PROBLEM TO SOLVE
Each line from the first line of the entries through the line holding "have other attributes;" is to be restated word for word; nothing else, and no picture, belongs in the answer.

[Dataset excerpts]
---------------

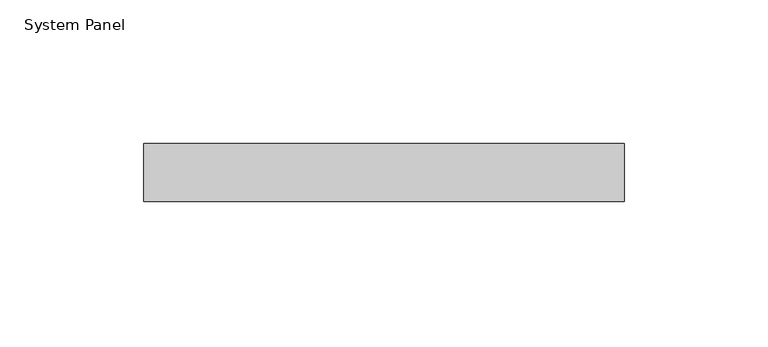
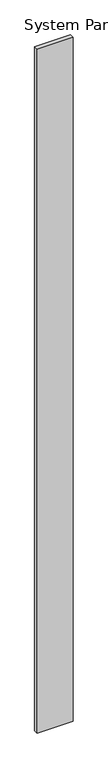
"""IFC4 building model written with IfcOpenShell, lengths in millimetres: plate geometry, System Panel : WWm-Glass-20mm-10mmOffset."""

import ifcopenshell
import ifcopenshell.guid

model = None  # the IFC model being written
_history = None  # IfcOwnerHistory: only IFC2X3 demands one
_inside = {}  # id of a spatial element -> (the spatial element, [elements in it])
_under = {}  # id of a project, library or spatial element -> (it, [spatial elements below it])
_declared = {}  # id of a project -> (the project, [libraries it declares])
_typed = {}  # id of a type object -> (the type object, [elements of that type])
_made_of = {}  # id of a material, layer set ... -> (it, [elements and type objects made of it])


def new_model(schema):
    """Start an empty IFC model of exactly this schema.

    Asked for "IFC4X3", IfcOpenShell would pick the latest addendum, in which some entities
    have other attributes; the version numbers below select the first issue.
    IFC2X3 requires an IfcOwnerHistory on every rooted entity: one is made here for all.
    """
    global model, _history
    if schema == "IFC4X3":
        model = ifcopenshell.file(schema_version=(4, 3, 0, 0))
    else:
        model = ifcopenshell.file(schema=schema)
    _inside.clear()
    _under.clear()
    _declared.clear()
    _typed.clear()
    _made_of.clear()
    _history = None
    if model.schema == "IFC2X3":
        org = make("IfcOrganization", Name="unknown")
        user = make(
            "IfcPersonAndOrganization",
            ThePerson=make("IfcPerson", FamilyName="unknown"),
            TheOrganization=org,
        )
        app = make(
            "IfcApplication",
            ApplicationDeveloper=org,
            Version="unknown",
            ApplicationFullName="unknown",
            ApplicationIdentifier="unknown",
        )
        _history = make(
            "IfcOwnerHistory",
            OwningUser=user,
            OwningApplication=app,
            ChangeAction="ADDED",
            CreationDate=0,
        )
    return model


def make(cls, **values):
    """One entity of the class cls with the attributes given. An attribute that is None is left unset."""
    return model.create_entity(
        cls, **{name: value for name, value in values.items() if value is not None}
    )


def rooted(cls, **values):
    """An entity with a GlobalId (a new one), such as an element, a storey or a relation."""
    return make(cls, GlobalId=ifcopenshell.guid.new(), OwnerHistory=_history, **values)


def si_unit(unit_type, name, prefix=None):
    """IfcSIUnit, for example si_unit("LENGTHUNIT", "METRE", prefix="MILLI")."""
    return make("IfcSIUnit", UnitType=unit_type, Prefix=prefix, Name=name)


def assignment(units):
    """IfcUnitAssignment: the units of a project."""
    return None if units is None else make("IfcUnitAssignment", Units=units)


def point(xyz):
    """IfcCartesianPoint."""
    return None if xyz is None else make("IfcCartesianPoint", Coordinates=xyz)


def direction(xyz):
    """IfcDirection."""
    return None if xyz is None else make("IfcDirection", DirectionRatios=xyz)


def frame(location, z_axis=None, x_axis=None):
    """IfcAxis2Placement3D, a coordinate frame: its origin and axes. An axis left out is left unset."""
    return make(
        "IfcAxis2Placement3D",
        Location=point(location),
        Axis=direction(z_axis),
        RefDirection=direction(x_axis),
    )


def origin():
    """The frame at (0, 0, 0) with its axes left unset."""
    return frame((0.0, 0.0, 0.0))


def origin_with_axes():
    """The frame at (0, 0, 0) with the z axis (0, 0, 1) and the x axis (1, 0, 0) written out."""
    return frame((0.0, 0.0, 0.0), z_axis=(0.0, 0.0, 1.0), x_axis=(1.0, 0.0, 0.0))


def place(relative_to, where):
    """IfcLocalPlacement: puts the frame where relative to a parent placement (None: the world)."""
    return make(
        "IfcLocalPlacement", PlacementRelTo=relative_to, RelativePlacement=where
    )


def context(
    kind, dimensions, precision=None, world=None, true_north=None, identifier=None
):
    """IfcGeometricRepresentationContext, for example the 3D "Model" context."""
    return make(
        "IfcGeometricRepresentationContext",
        ContextIdentifier=identifier,
        ContextType=kind,
        CoordinateSpaceDimension=dimensions,
        Precision=precision,
        WorldCoordinateSystem=world,
        TrueNorth=true_north,
    )


def project(units=None, contexts=None):
    """IfcProject with its units and contexts."""
    return rooted(
        "IfcProject",
        Name="project",
        RepresentationContexts=contexts,
        UnitsInContext=assignment(units),
    )


def spatial(cls, under=None, at=None, **own):
    """A site, building, storey or space (cls), placed at a placement, below another one or the project."""
    s = rooted(cls, ObjectPlacement=at, **own)
    if under is not None:
        _under.setdefault(under.id(), (under, []))[1].append(s)
    return s


def polyline(points):
    """IfcPolyline through the points."""
    return make("IfcPolyline", Points=[point(p) for p in points])


def outline(outer, holes=None, kind="AREA"):
    """IfcArbitraryClosedProfileDef: a profile drawn as a closed curve; with holes, ...WithVoids."""
    if holes is None:
        return make("IfcArbitraryClosedProfileDef", ProfileType=kind, OuterCurve=outer)
    return make(
        "IfcArbitraryProfileDefWithVoids",
        ProfileType=kind,
        OuterCurve=outer,
        InnerCurves=holes,
    )


def extrude(swept, where, along, depth):
    """IfcExtrudedAreaSolid: the profile swept, set in the frame where, extruded along a direction by depth."""
    return make(
        "IfcExtrudedAreaSolid",
        SweptArea=swept,
        Position=where,
        ExtrudedDirection=direction(along),
        Depth=depth,
    )


def shape(context_of_items, identifier, shape_type, items):
    """IfcShapeRepresentation: the items that make up one representation, for example the "Body"."""
    return make(
        "IfcShapeRepresentation",
        ContextOfItems=context_of_items,
        RepresentationIdentifier=identifier,
        RepresentationType=shape_type,
        Items=items,
    )


def source(mapping_origin, context_of_items, identifier, shape_type, items):
    """IfcRepresentationMap: a shape defined once, which mapped items show again and again."""
    return make(
        "IfcRepresentationMap",
        MappingOrigin=mapping_origin,
        MappedRepresentation=shape(context_of_items, identifier, shape_type, items),
    )


def transform(
    local_origin,
    x_axis=None,
    y_axis=None,
    z_axis=None,
    scale=None,
    scale2=None,
    scale3=None,
    uniform=True,
):
    """IfcCartesianTransformationOperator3D, or its non-uniform kind. x_axis, y_axis, z_axis: its Axis1, 2, 3."""
    if uniform:
        return make(
            "IfcCartesianTransformationOperator3D",
            Axis1=direction(x_axis),
            Axis2=direction(y_axis),
            LocalOrigin=point(local_origin),
            Scale=scale,
            Axis3=direction(z_axis),
        )
    return make(
        "IfcCartesianTransformationOperator3DnonUniform",
        Axis1=direction(x_axis),
        Axis2=direction(y_axis),
        LocalOrigin=point(local_origin),
        Scale=scale,
        Axis3=direction(z_axis),
        Scale2=scale2,
        Scale3=scale3,
    )


def mapped(mapping_source, mapping_target):
    """IfcMappedItem: shows the shape of a source again, moved by a transform."""
    return make(
        "IfcMappedItem", MappingSource=mapping_source, MappingTarget=mapping_target
    )


def made_of(thing, what):
    """Note that an element or type object is made of a material, layer set ...; save() writes the relation."""
    if what is not None:
        _made_of.setdefault(what.id(), (what, []))[1].append(thing)
    return thing


def element(
    cls,
    number,
    at=None,
    inside=None,
    cuts=None,
    type_object=None,
    material=None,
    context=None,
    identifier="Body",
    shape_type=None,
    held_by="IfcProductDefinitionShape",
    body=None,
    shapes=None,
    **own,
):
    """One element of the class cls, such as IfcWall. Its Tag is "e" and its number.

    at: its placement. inside: the storey or other place that contains it. cuts: it is an
    opening in that element (IfcRelVoidsElement). A single representation is given by context,
    identifier, shape_type and body (its items); several are given by shapes. held_by: the class
    of the entity that holds the representations. save() writes the other relations.
    """
    e = rooted(cls, Tag="e%d" % number, ObjectPlacement=at, **own)
    if body is not None:
        shapes = [shape(context, identifier, shape_type, body)]
    if shapes is not None:
        e.Representation = make(held_by, Representations=shapes)
    if inside is not None:
        _inside.setdefault(inside.id(), (inside, []))[1].append(e)
    if cuts is not None:
        rooted(
            "IfcRelVoidsElement", RelatingBuildingElement=cuts, RelatedOpeningElement=e
        )
    if type_object is not None:
        _typed.setdefault(type_object.id(), (type_object, []))[1].append(e)
    return made_of(e, material)


def aggregate(whole, parts):
    """IfcRelAggregates: a whole, such as a stair, and the parts it consists of."""
    return rooted("IfcRelAggregates", RelatingObject=whole, RelatedObjects=parts)


def save(model, path):
    """Write the relations noted so far, then the file.

    IfcRelAggregates (storeys below a building ...), IfcRelContainedInSpatialStructure (elements
    in a storey), IfcRelDefinesByType, IfcRelAssociatesMaterial and IfcRelDeclares: one each for
    every whole, place, type object, material and project.
    """
    for whole, parts in _under.values():
        aggregate(whole, parts)
    for where, things in _inside.values():
        rooted(
            "IfcRelContainedInSpatialStructure",
            RelatedElements=things,
            RelatingStructure=where,
        )
    for kind, things in _typed.values():
        rooted("IfcRelDefinesByType", RelatedObjects=things, RelatingType=kind)
    for what, things in _made_of.values():
        rooted("IfcRelAssociatesMaterial", RelatedObjects=things, RelatingMaterial=what)
    for by, libraries in _declared.values():
        rooted("IfcRelDeclares", RelatingContext=by, RelatedDefinitions=libraries)
    model.write(path)


def system_panel_9f61c7e3(model_context):
    return source(origin(), model_context, "Body", "SweptSolid", [
        extrude(outline(polyline([(83.385636, 0.0), (-83.385636, 0.0), (-83.385636, 20.0), (83.385636, 20.0), (83.385636, 0.0)])), origin_with_axes(), (0.0, 0.0, 1.0), 3350.0),
    ])


if __name__ == "__main__":
    model = new_model("IFC4")
    model_context = context("Model", 3, world=origin())
    ifc_project = project(units=[si_unit("LENGTHUNIT", "METRE", prefix="MILLI")], contexts=[model_context])
    site = spatial("IfcSite", under=ifc_project)
    building = spatial("IfcBuilding", under=site)
    placement = place(None, origin())
    system_panel_shape = system_panel_9f61c7e3(model_context)
    element("IfcPlate", 1, ObjectType="System Panel : WWm-Glass-20mm-10mmOffset", at=placement, inside=building, context=model_context, shape_type="MappedRepresentation", body=[
        mapped(system_panel_shape, transform((0.0, 0.0, 0.0), x_axis=(1.0, 0.0, 0.0), y_axis=(0.0, 1.0, 0.0), z_axis=(0.0, 0.0, 1.0))),
    ])
    save(model, "model.ifc")

# Revit data of these elements
# Type "System Panel : WWm-Glass-20mm-10mmOffset"
#   Finish = ""
# Element 1 (IfcPlate, "System Panel : WWm-Glass-20mm-10mmOffset")
#   Materials on its faces: "WW-EC-GL-Storefront"
# Materials
#   "WW-EC-GL-Storefront": class "Glass", colour RGB 236 240 239, transparency 0.85, Description = "Storefront Glass", Cost = 0

---------------

FINISHED EXERCISE
"""IFC4 building model written with IfcOpenShell, lengths in millimetres: plate geometry, System Panel : WWm-Glass-20mm-10mmOffset."""

import ifcopenshell
import ifcopenshell.guid

model = None  # the IFC model being written
_history = None  # IfcOwnerHistory: only IFC2X3 demands one
_inside = {}  # id of a spatial element -> (the spatial element, [elements in it])
_under = {}  # id of a project, library or spatial element -> (it, [spatial elements below it])
_declared = {}  # id of a project -> (the project, [libraries it declares])
_typed = {}  # id of a type object -> (the type object, [elements of that type])
_made_of = {}  # id of a material, layer set ... -> (it, [elements and type objects made of it])


def new_model(schema):
    """Start an empty IFC model of exactly this schema.

    Asked for "IFC4X3", IfcOpenShell would pick the latest addendum, in which some entities
    have other attributes; the version numbers below select the first issue.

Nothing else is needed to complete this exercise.